_RECORDS FOR THIS TASK:_
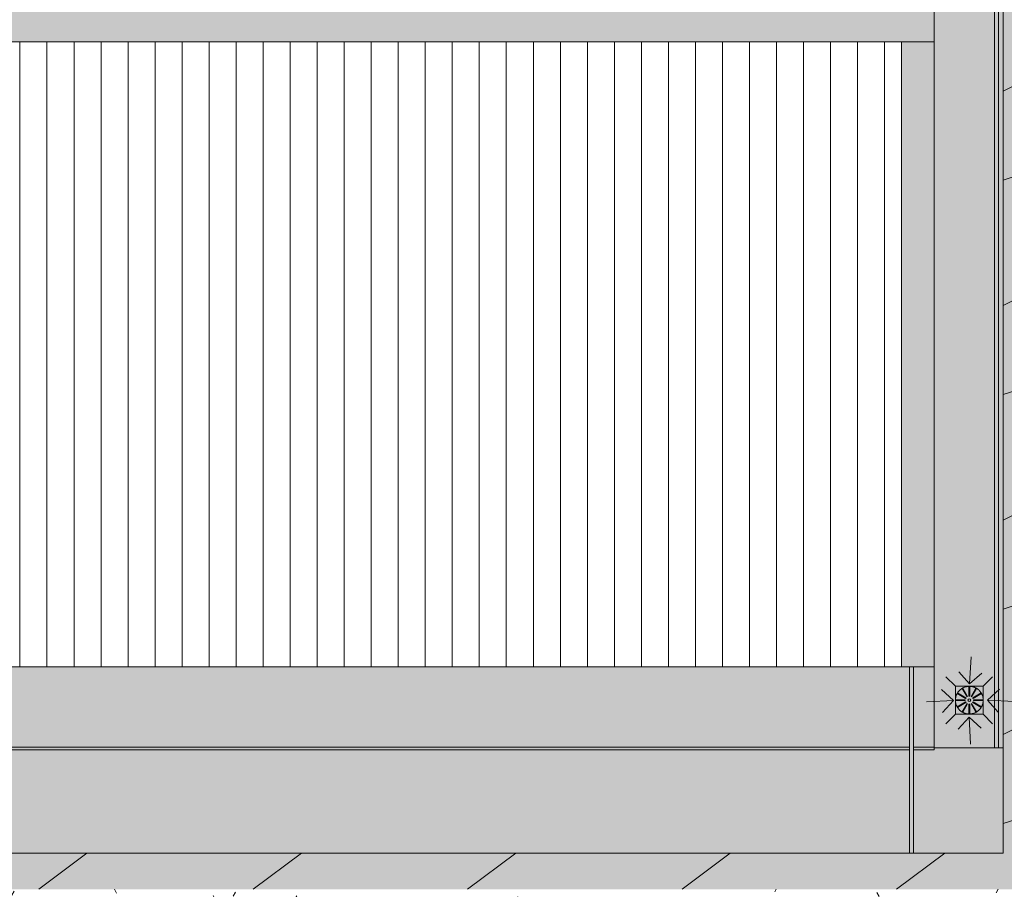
# Model space of a CAD drawing. Header units: millimetres. Extents: x 5980700 to 6194397, y -12939 to 2351883.
# Tile 111 of 124: x 6180078 to 6187366, y -8341 to -1904. Entities that reach past the tile are written whole.
import ezdxf

# ---------------------------------------------------------------- set-up
doc = ezdxf.new("R2010")
doc.units = ezdxf.units.MM
for name, color, linetype, lineweight in [('A-DETL-THIN', 151, 'Continuous', 9), ('A-FLOR', 192, 'Continuous', 18), ('A-FLOR-PATT', 8, 'Continuous', 18), ('A-ROOF', 132, 'Continuous', 9), ('A-ROOF-OTLN', 132, 'Continuous', 9), ('A-ROOF-PATT', 132, 'Continuous', 9), ('P-SANR-FIXT', 6, 'Continuous', 9)]:
    doc.layers.add(name, color=color, linetype=linetype, lineweight=lineweight)
pattern_1 = [(0, (0, 0), (812.8, 203.2), [33.528, -576.072, 33.528, -576.072, -3251.2]), (0, (0, 0), (812.8, 203.2), [-1219.2, 33.528, -1185.672, 33.528, -576.072, -1422.4]), (0, (0, 0), (812.8, 203.2), [-3048, 33.528, -372.872, 33.528, -982.472]), (120, (304.8, 101.6), (-582.3764, 602.3054), [33.528, -576.072, 33.528, -576.072, -3251.2]), (120, (304.8, 101.6), (-582.3764, 602.3054), [-1219.2, 33.528, -1185.672, 33.528, -576.072, -1422.4]), (120, (304.8, 101.6), (-582.3764, 602.3054), [-3048, 33.528, -372.872, 33.528, -982.472]), (240, (406.4, 508), (-230.4236, -805.5054), [33.528, -576.072, 33.528, -576.072, -3251.2]), (240, (406.4, 508), (-230.4236, -805.5054), [-1219.2, 33.528, -1185.672, 33.528, -576.072, -1422.4]), (240, (406.4, 508), (-230.4236, -805.5054), [-3048, 33.528, -372.872, 33.528, -982.472])]

# ---------------------------------------------------------------- blocks, each defined once
blk = doc.blocks.new('Cumeeira1 - Cumeeira-4038532-PLANTA DE CAIMENTO DE PISOS - COBERTURA')
at = {"layer": 'A-ROOF', "lineweight": 5}
blk.add_hatch(color=71, dxfattribs=at).paths.add_polyline_path([(1790.6, -2126.2), (19471.4, -2126.2), (19471.4, -1825.8), (-15828.6, -1825.8), (-15828.6, -2126.2), (1607.8, -2126.2)])
at = {"layer": 'A-ROOF', "color": 90, "lineweight": 5}
for p, q in [((19471.4, -1825.8), (19471.4, -2126.2)), ((19471.4, -2126.2), (-15828.6, -2126.2))]:
    blk.add_line(p, q, dxfattribs=at)
blk = doc.blocks.new('CHAPIM - CHAPIM-4060820-PLANTA DE CAIMENTO DE PISOS - COBERTURA')
at = {"layer": 'A-ROOF-PATT', "lineweight": 5}
h = blk.add_hatch(dxfattribs=at)
h.set_pattern_fill('FP_34', color=71, style=0, pattern_type=2)
h.set_pattern_definition([(0, (2e-05, -3e-05), (812.8, 203.2), [33.528, -576.072, 33.528, -576.072, -3251.2]), (0, (2e-05, -3e-05), (812.8, 203.2), [-1219.2, 33.528, -1185.672, 33.528, -576.072, -1422.4]), (0, (2e-05, -3e-05), (812.8, 203.2), [-3048, 33.528, -372.872, 33.528, -982.472]), (120, (304.8, 101.6), (-582.3764, 602.3054), [33.528, -576.072, 33.528, -576.072, -3251.2]), (120, (304.8, 101.6), (-582.3764, 602.3054), [-1219.2, 33.528, -1185.672, 33.528, -576.072, -1422.4]), (120, (304.8, 101.6), (-582.3764, 602.3054), [-3048, 33.528, -372.872, 33.528, -982.472]), (240, (406.4, 508), (-230.4236, -805.5054), [33.528, -576.072, 33.528, -576.072, -3251.2]), (240, (406.4, 508), (-230.4236, -805.5054), [-1219.2, 33.528, -1185.672, 33.528, -576.072, -1422.4]), (240, (406.4, 508), (-230.4236, -805.5054), [-3048, 33.528, -372.872, 33.528, -982.472])])
h.paths.add_polyline_path([(9835.5, -8340.8), (20251.4, -8340.8), (20251.4, 4739.2), (-16608.6, 4739.2), (-16608.6, -8340.8), (9652.7, -8340.8)])
h.paths.add_polyline_path([(3619, -8073.3), (-16341.1, -8073.3), (-16341.1, 4471.7), (19983.9, 4471.7), (19983.9, -8073.3), (3710.4, -8073.3)])
h = blk.add_hatch(dxfattribs=at)
h.set_pattern_fill('FP_33', color=71, style=0, pattern_type=2)
h.set_pattern_definition([(216.87, (635, 1587.5), (4762.4943, 3175.0085), [793.75, -7143.75]), (206.565, (1587.5, 1111.25), (-1587.501, -1587.5), [1774.88, -1774.88]), (198.435, (1587.5, 317.5), (-3174.997, -1587.503), [1004.02, -4016.09])])
h.paths.add_polyline_path([(9835.5, -8340.8), (20251.4, -8340.8), (20251.4, 4739.2), (-16608.6, 4739.2), (-16608.6, -8340.8), (9652.7, -8340.8)])
h.paths.add_polyline_path([(3619, -8073.3), (-16341.1, -8073.3), (-16341.1, 4471.7), (19983.9, 4471.7), (19983.9, -8073.3), (3710.4, -8073.3)])
at = {"layer": 'A-ROOF-OTLN', "color": 90, "lineweight": 5}
for q in [(19983.9, 4471.7), (-16341.1, -8073.3)]:
    blk.add_line((19983.9, -8073.3), q, dxfattribs=at)
blk = doc.blocks.new('Calha05 - Calha05-4216813-PLANTA DE CAIMENTO DE PISOS - COBERTURA')
at = {"layer": 'A-ROOF', "lineweight": 5}
h = blk.add_hatch(color=71, dxfattribs=at)
h.paths.add_polyline_path([(19546.4, -7293.3), (19993.9, -7293.3), (19993.9, 3149.2), (19546.4, 3149.2), (19546.4, -7288.3)])
h.paths.add_polyline_path([(19805.2, -6854.8), (19805.3, -6910.9), (19810.2, -6910.8), (19810.2, -6854.8)])
h.paths.add_polyline_path([(19805.2, -6846.4), (19805.2, -6854.8), (19810.2, -6854.8), (19810.2, -6846.4)])
h.paths.add_polyline_path([(19805.2, -7043.2), (19769.4, -7035.2), (19753.1, -7027.3), (19738.7, -7014.8), (19717.3, -6988.4), (19709.1, -6964.3), (19707, -6955.6), (19705.5, -6936.8), (19709.1, -6917.4), (19721.3, -6886.3), (19753.1, -6854.3), (19761.8, -6849.6), (19778, -6843.9), (19805.2, -6839.6), (19805.2, -6846.4), (19810.2, -6846.4), (19810.2, -6838.5), (19846.1, -6846.5), (19862.3, -6854.4), (19876.8, -6866.9), (19898.1, -6893.3), (19906.3, -6917.4), (19908.5, -6926.1), (19909.9, -6944.9), (19906.3, -6964.3), (19894.1, -6995.4), (19862.3, -7027.3), (19855.3, -7031.4), (19837.5, -7037.8), (19810.2, -7042), (19810.2, -6970.8), (19805.2, -6970.9), (19805.2, -7042.8)])
h.paths.add_polyline_path([(19760, -7028.6), (19760, -7028.5), (19794.7, -6967.9), (19790.6, -6965.5), (19756.5, -7026.6), (19759.9, -7028.6)])
h.paths.add_polyline_path([(19855.5, -7028.6), (19859.8, -7025.9), (19824.9, -6965.5), (19820.5, -6968), (19855.5, -7028.5)])
h.paths.add_polyline_path([(19892.9, -6993), (19895.4, -6988.6), (19834.9, -6953.6), (19833.2, -6958.5), (19888.2, -6990.2)])
h.paths.add_polyline_path([(19722.5, -6993), (19783.1, -6958), (19780.5, -6953.6), (19720.3, -6989.2), (19722.4, -6992.9)])
h.paths.add_polyline_path([(19807.7, -6950.8), (19812.7, -6949.5), (19816.4, -6945.8), (19817.7, -6940.8), (19816.4, -6935.8), (19812.7, -6932.2), (19807.7, -6930.8), (19802.7, -6932.2), (19799.1, -6935.8), (19797.7, -6940.9), (19799.1, -6945.8), (19802.7, -6949.5), (19805.2, -6950.5)])
h.paths.add_polyline_path([(19869.4, -6943.4), (19902.1, -6943.4), (19901.7, -6938.3), (19869.4, -6938.3)])
h.paths.add_polyline_path([(19869.4, -6943.4), (19869.4, -6938.3), (19837.6, -6938.3), (19837.7, -6943.4), (19867.7, -6943.4)])
h.paths.add_polyline_path([(19902.1, -6943.4), (19907.6, -6942.5), (19907.3, -6938.3), (19902.1, -6938.3), (19902.1, -6943.4)])
h.paths.add_polyline_path([(19721.7, -6943.4), (19777.8, -6943.3), (19777.7, -6938.3), (19721.7, -6938.3)])
h.paths.add_polyline_path([(19708.1, -6943.4), (19721.7, -6943.4), (19721.7, -6938.3), (19707.9, -6939.2), (19708, -6943.4)])
h.paths.add_polyline_path([(19834.9, -6928.1), (19895.1, -6892.5), (19892.9, -6888.8), (19832.4, -6923.7), (19833.7, -6925.8)])
h.paths.add_polyline_path([(19780.5, -6928.1), (19782.3, -6923.3), (19722, -6889.7), (19720, -6893.1), (19779, -6927.2)])
h.paths.add_polyline_path([(19824.9, -6916.2), (19858.9, -6855.1), (19855.4, -6853.2), (19820.7, -6913.8), (19822.7, -6914.8)])
h.paths.add_polyline_path([(19790.6, -6916.2), (19794.9, -6913.7), (19759.2, -6853.5), (19755.7, -6855.7), (19789.8, -6914.8)])
for points in [[(20023.9, -7293.3), (20023.9, 3149.2), (19993.9, 3149.2), (19993.9, -7293.3)], [(19393.9, -8073.3), (19393.9, -6693.3), (19363.9, -6693.3), (19363.9, -8073.3)]]:
    blk.add_hatch(color=71, dxfattribs=at).paths.add_polyline_path(points)
at = {"layer": 'A-ROOF', "color": 90, "lineweight": 5}
for p, q in [((19993.9, 3149.2), (19993.9, -7293.3)), ((20023.9, 3149.2), (20023.9, -7293.3)), ((19363.9, -8073.3), (19363.9, -6693.3)), ((19393.9, -6693.3), (19393.9, -8073.3))]:
    blk.add_line(p, q, dxfattribs=at)
blk = doc.blocks.new('BE-PMSa-MOD-ARQ-CONEXAODOFUTURO-EX-000-R_rvt-3-PLANTA DE CAIMENTO DE PISOS - COBERTURA')
at = {"layer": 'A-FLOR-PATT', "lineweight": 5}
h = blk.add_hatch(dxfattribs=at)
h.set_pattern_fill('FP_2', color=135, style=0, pattern_type=2)
h.set_pattern_definition(pattern_1)
h.paths.add_polyline_path([(-16310.4, -7293.3), (-15828.6, -7293.3), (-15828.6, -3822.2), (-16336.1, -3822.2), (-16336.1, -7293.3)])
h.paths.add_polyline_path([(19948.9, -7293.3), (19983.9, -7293.3), (19983.9, 3759.2), (19471.4, 3759.2), (19471.4, 3149.2), (19948.9, 3149.2), (19948.9, -7165.5)])
h.paths.add_polyline_path([(-16092.2, -7010.1), (-16122.1, -7002), (-16102.7, -6967.9), (-16106.8, -6965.5), (-16126.5, -6999.6), (-16148.3, -6977.6), (-16114.3, -6958), (-16116.8, -6953.6), (-16150.9, -6973.3), (-16157.3, -6957.6), (-16158.9, -6943.4), (-16119.6, -6943.3), (-16119.7, -6938.3), (-16158.9, -6938.3), (-16155.9, -6919.9), (-16150.9, -6908.4), (-16116.8, -6928.1), (-16115.1, -6923.3), (-16148.4, -6904), (-16126.5, -6882.1), (-16106.8, -6916.2), (-16102.4, -6913.7), (-16122.1, -6879.6), (-16106.3, -6873.2), (-16092.2, -6871.6), (-16092.1, -6910.9), (-16087.1, -6910.8), (-16087.1, -6871.6), (-16057.2, -6879.7), (-16076.6, -6913.8), (-16072.5, -6916.2), (-16052.8, -6882.1), (-16030.9, -6904), (-16065, -6923.7), (-16062.5, -6928.1), (-16028.4, -6908.4), (-16022, -6924.2), (-16020.4, -6938.3), (-16059.7, -6938.3), (-16059.6, -6943.4), (-16020.4, -6943.4), (-16023.4, -6961.8), (-16028.4, -6973.3), (-16062.5, -6953.6), (-16064.2, -6958.5), (-16030.9, -6977.7), (-16052.9, -6999.5), (-16072.5, -6965.5), (-16076.9, -6968), (-16057.2, -7002.1), (-16072.9, -7008.5), (-16087.1, -7010.1), (-16087.2, -6970.8), (-16092.2, -6970.9), (-16092.2, -7010)])
h.paths.add_polyline_path([(-16089.7, -6950.8), (-16084.7, -6949.5), (-16081, -6945.8), (-16079.7, -6940.8), (-16081, -6935.8), (-16084.7, -6932.2), (-16089.7, -6930.8), (-16094.7, -6932.2), (-16098.3, -6935.8), (-16099.7, -6940.9), (-16098.3, -6945.8), (-16094.7, -6949.5), (-16092.2, -6950.5)])
h.paths.add_polyline_path([(-16310.4, -3596.7), (-15828.6, -3596.7), (-15828.6, 612.1), (-16336.1, 612.1), (-16336.1, -3596.7)])
h.paths.add_polyline_path([(-15828.6, 642.1), (-15828.6, 3759.2), (-16341.1, 3759.2), (-16341.1, 3329.2), (-16336.1, 3329.2), (-16336.1, 642.1), (-15944.7, 642.1)])
h.paths.add_polyline_path([(-4243, 1825), (3431.4, 1825), (3431.4, 3059.2), (4031.4, 3059.2), (4031.4, 3159.2), (4481.3, 3159.2), (4481.3, 3759.2), (4101.4, 3759.2), (4101.4, 4471.7), (-5058.6, 4471.7), (-5058.6, 3759.2), (-5453.6, 3759.2), (-5453.6, 3159.2), (-4958.6, 3159.2), (-4958.6, 3059.2), (-4358.6, 3059.2), (-4358.6, 1825)])
h.paths.add_polyline_path([(19730.2, 3492.7), (19730.3, 3436.6), (19735.2, 3436.7), (19735.2, 3492.7)])
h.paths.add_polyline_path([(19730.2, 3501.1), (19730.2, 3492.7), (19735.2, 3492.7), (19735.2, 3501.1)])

_REQUIRED WORK:_ Starting from the line that contains "642.1), (-15944.7, 642.1)])", reproduce each line of the data exactly through the last one.

_FINAL ANSWER:_
h.paths.add_polyline_path([(-15828.6, 642.1), (-15828.6, 3759.2), (-16341.1, 3759.2), (-16341.1, 3329.2), (-16336.1, 3329.2), (-16336.1, 642.1), (-15944.7, 642.1)])
h.paths.add_polyline_path([(-4243, 1825), (3431.4, 1825), (3431.4, 3059.2), (4031.4, 3059.2), (4031.4, 3159.2), (4481.3, 3159.2), (4481.3, 3759.2), (4101.4, 3759.2), (4101.4, 4471.7), (-5058.6, 4471.7), (-5058.6, 3759.2), (-5453.6, 3759.2), (-5453.6, 3159.2), (-4958.6, 3159.2), (-4958.6, 3059.2), (-4358.6, 3059.2), (-4358.6, 1825)])
h.paths.add_polyline_path([(19730.2, 3492.7), (19730.3, 3436.6), (19735.2, 3436.7), (19735.2, 3492.7)])
h.paths.add_polyline_path([(19730.2, 3501.1), (19730.2, 3492.7), (19735.2, 3492.7), (19735.2, 3501.1)])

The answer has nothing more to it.